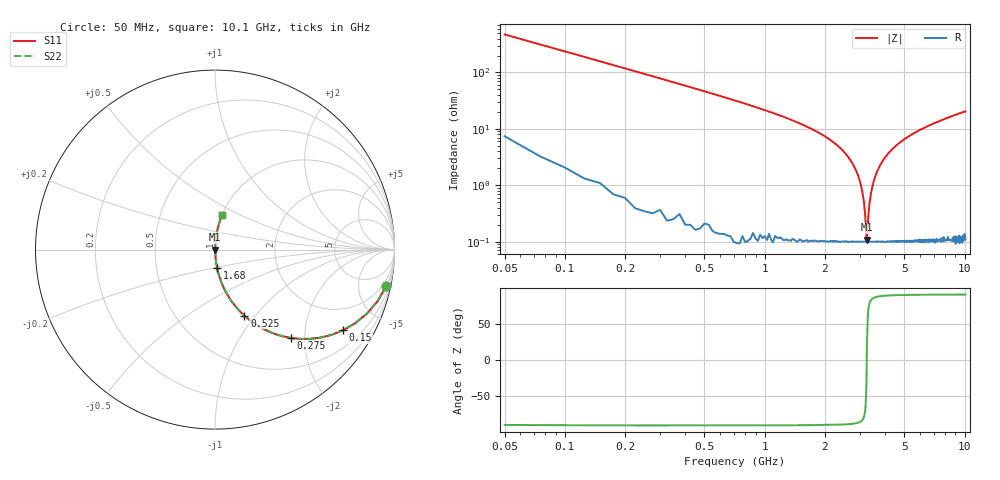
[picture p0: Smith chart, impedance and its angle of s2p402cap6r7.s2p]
! AVX Thin Film Operation		Date: April 2003
! Description: Accu-P® Series, Thin Film, SMD, RF Capacitor
! Part Number: 04025J6R7BBS
! 50 MHz  -  10.05 GHz
! Serial Measurements
# hz S db R 50
!	S11		S21		S12		S22
!	dB	Phase	dB	Phase	dB	Phase	dB	Phase
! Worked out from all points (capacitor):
!   400 points, 50 MHz to 10.1 GHz, reference 50 ohm
!   read as one part in series: C = 6.7 pF near 100 MHz
!   lowest |Z| = 109 mohm at 3.25 GHz (marker M1)
!   series resonance near 3.243 GHz, so ESL is about 360 pH
!   S11 on the Smith chart (normalised r, x): 50 MHz: 1.14, -9.46; 150 MHz: 1.02, -3.16; 275 MHz: 1.01, -1.71; 525 MHz: 1.00, -0.88; 1.68 GHz: 1.00, -0.21; 10.1 GHz: 1.00, +0.41
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5e7  -0.22 -11.9  -13.70 77.2  -13.70 77.2  -0.22 -11.9
1e8  -0.74 -22.8  -8.24 66.7  -8.24 66.7  -0.74 -22.8
1.5e8  -1.49 -32.2  -5.46 57.4  -5.46 57.4  -1.49 -32.2
2.75e8  -3.75 -49.3  -2.41 40.5  -2.41 40.5  -3.75 -49.3
5.25e8  -7.90 -66.0  -0.78 23.7  -0.78 23.7  -7.90 -66.0
1.68e9  -19.70 -83.5  -0.06 5.9  -0.06 5.9  -19.70 -83.5
1.73e9  -20.20 -83.8  -0.05 5.6  -0.05 5.6  -20.20 -83.8
2.43e9  -27.30 -86.2  -0.02 2.5  -0.02 2.5  -27.30 -86.2
2.88e9  -35.10 -85.7  -0.01 1.0  -0.01 1.0  -35.10 -85.7
3.03e9  -39.90 -83.8  -0.01 0.6  -0.01 0.6  -39.90 -83.8
3.13e9  -45.30 -79.1  -0.01 0.3  -0.01 0.3  -45.30 -79.1
3.18e9  -50.00 -71.4  -0.01 0.2  -0.01 0.2  -50.00 -71.4
3.23e9  -58.20 -35.3  -0.01 0.0  -0.01 0.0  -58.20 -35.3
3.25e9  -59.30 22.9  -0.01 -0.0  -0.01 -0.0  -59.30 22.9
3.3e9  -50.90 69.3  -0.01 -0.2  -0.01 -0.2  -50.90 69.3
3.4e9  -43.00 81.5  -0.01 -0.4  -0.01 -0.4  -43.00 81.5
3.6e9  -36.20 85.4  -0.01 -0.9  -0.01 -0.9  -36.20 85.4
3.95e9  -30.70 86.4  -0.01 -1.7  -0.01 -1.7  -30.70 86.4
5.08e9  -23.40 85.3  -0.03 -3.9  -0.03 -3.9  -23.40 85.3
6.75e9  -18.70 82.8  -0.07 -6.7  -0.07 -6.7  -18.70 82.8
8.43e9  -15.90 80.4  -0.12 -9.2  -0.12 -9.2  -15.90 80.4
1.01e10  -14.00 78.2  -0.19 -11.5  -0.19 -11.5  -14.00 78.2
---+---
> **WORK TO COMPLETE**
What is needed here is an exact transcript of the data above, pictures excluded.

> **WRITTEN RESPONSE**
[picture p0: Smith chart, impedance and its angle of s2p402cap6r7.s2p]
! AVX Thin Film Operation		Date: April 2003
! Description: Accu-P® Series, Thin Film, SMD, RF Capacitor
! Part Number: 04025J6R7BBS
! 50 MHz  -  10.05 GHz
! Serial Measurements
# hz S db R 50
!	S11		S21		S12		S22
!	dB	Phase	dB	Phase	dB	Phase	dB	Phase
! Worked out from all points (capacitor):
!   400 points, 50 MHz to 10.1 GHz, reference 50 ohm
!   read as one part in series: C = 6.7 pF near 100 MHz
!   lowest |Z| = 109 mohm at 3.25 GHz (marker M1)
!   series resonance near 3.243 GHz, so ESL is about 360 pH
!   S11 on the Smith chart (normalised r, x): 50 MHz: 1.14, -9.46; 150 MHz: 1.02, -3.16; 275 MHz: 1.01, -1.71; 525 MHz: 1.00, -0.88; 1.68 GHz: 1.00, -0.21; 10.1 GHz: 1.00, +0.41
5e7  -0.22 -11.9  -13.70 77.2  -13.70 77.2  -0.22 -11.9
1e8  -0.74 -22.8  -8.24 66.7  -8.24 66.7  -0.74 -22.8
1.5e8  -1.49 -32.2  -5.46 57.4  -5.46 57.4  -1.49 -32.2
2.75e8  -3.75 -49.3  -2.41 40.5  -2.41 40.5  -3.75 -49.3
5.25e8  -7.90 -66.0  -0.78 23.7  -0.78 23.7  -7.90 -66.0
1.68e9  -19.70 -83.5  -0.06 5.9  -0.06 5.9  -19.70 -83.5
1.73e9  -20.20 -83.8  -0.05 5.6  -0.05 5.6  -20.20 -83.8
2.43e9  -27.30 -86.2  -0.02 2.5  -0.02 2.5  -27.30 -86.2
2.88e9  -35.10 -85.7  -0.01 1.0  -0.01 1.0  -35.10 -85.7
3.03e9  -39.90 -83.8  -0.01 0.6  -0.01 0.6  -39.90 -83.8
3.13e9  -45.30 -79.1  -0.01 0.3  -0.01 0.3  -45.30 -79.1
3.18e9  -50.00 -71.4  -0.01 0.2  -0.01 0.2  -50.00 -71.4
3.23e9  -58.20 -35.3  -0.01 0.0  -0.01 0.0  -58.20 -35.3
3.25e9  -59.30 22.9  -0.01 -0.0  -0.01 -0.0  -59.30 22.9
3.3e9  -50.90 69.3  -0.01 -0.2  -0.01 -0.2  -50.90 69.3
3.4e9  -43.00 81.5  -0.01 -0.4  -0.01 -0.4  -43.00 81.5
3.6e9  -36.20 85.4  -0.01 -0.9  -0.01 -0.9  -36.20 85.4
3.95e9  -30.70 86.4  -0.01 -1.7  -0.01 -1.7  -30.70 86.4
5.08e9  -23.40 85.3  -0.03 -3.9  -0.03 -3.9  -23.40 85.3
6.75e9  -18.70 82.8  -0.07 -6.7  -0.07 -6.7  -18.70 82.8
8.43e9  -15.90 80.4  -0.12 -9.2  -0.12 -9.2  -15.90 80.4
1.01e10  -14.00 78.2  -0.19 -11.5  -0.19 -11.5  -14.00 78.2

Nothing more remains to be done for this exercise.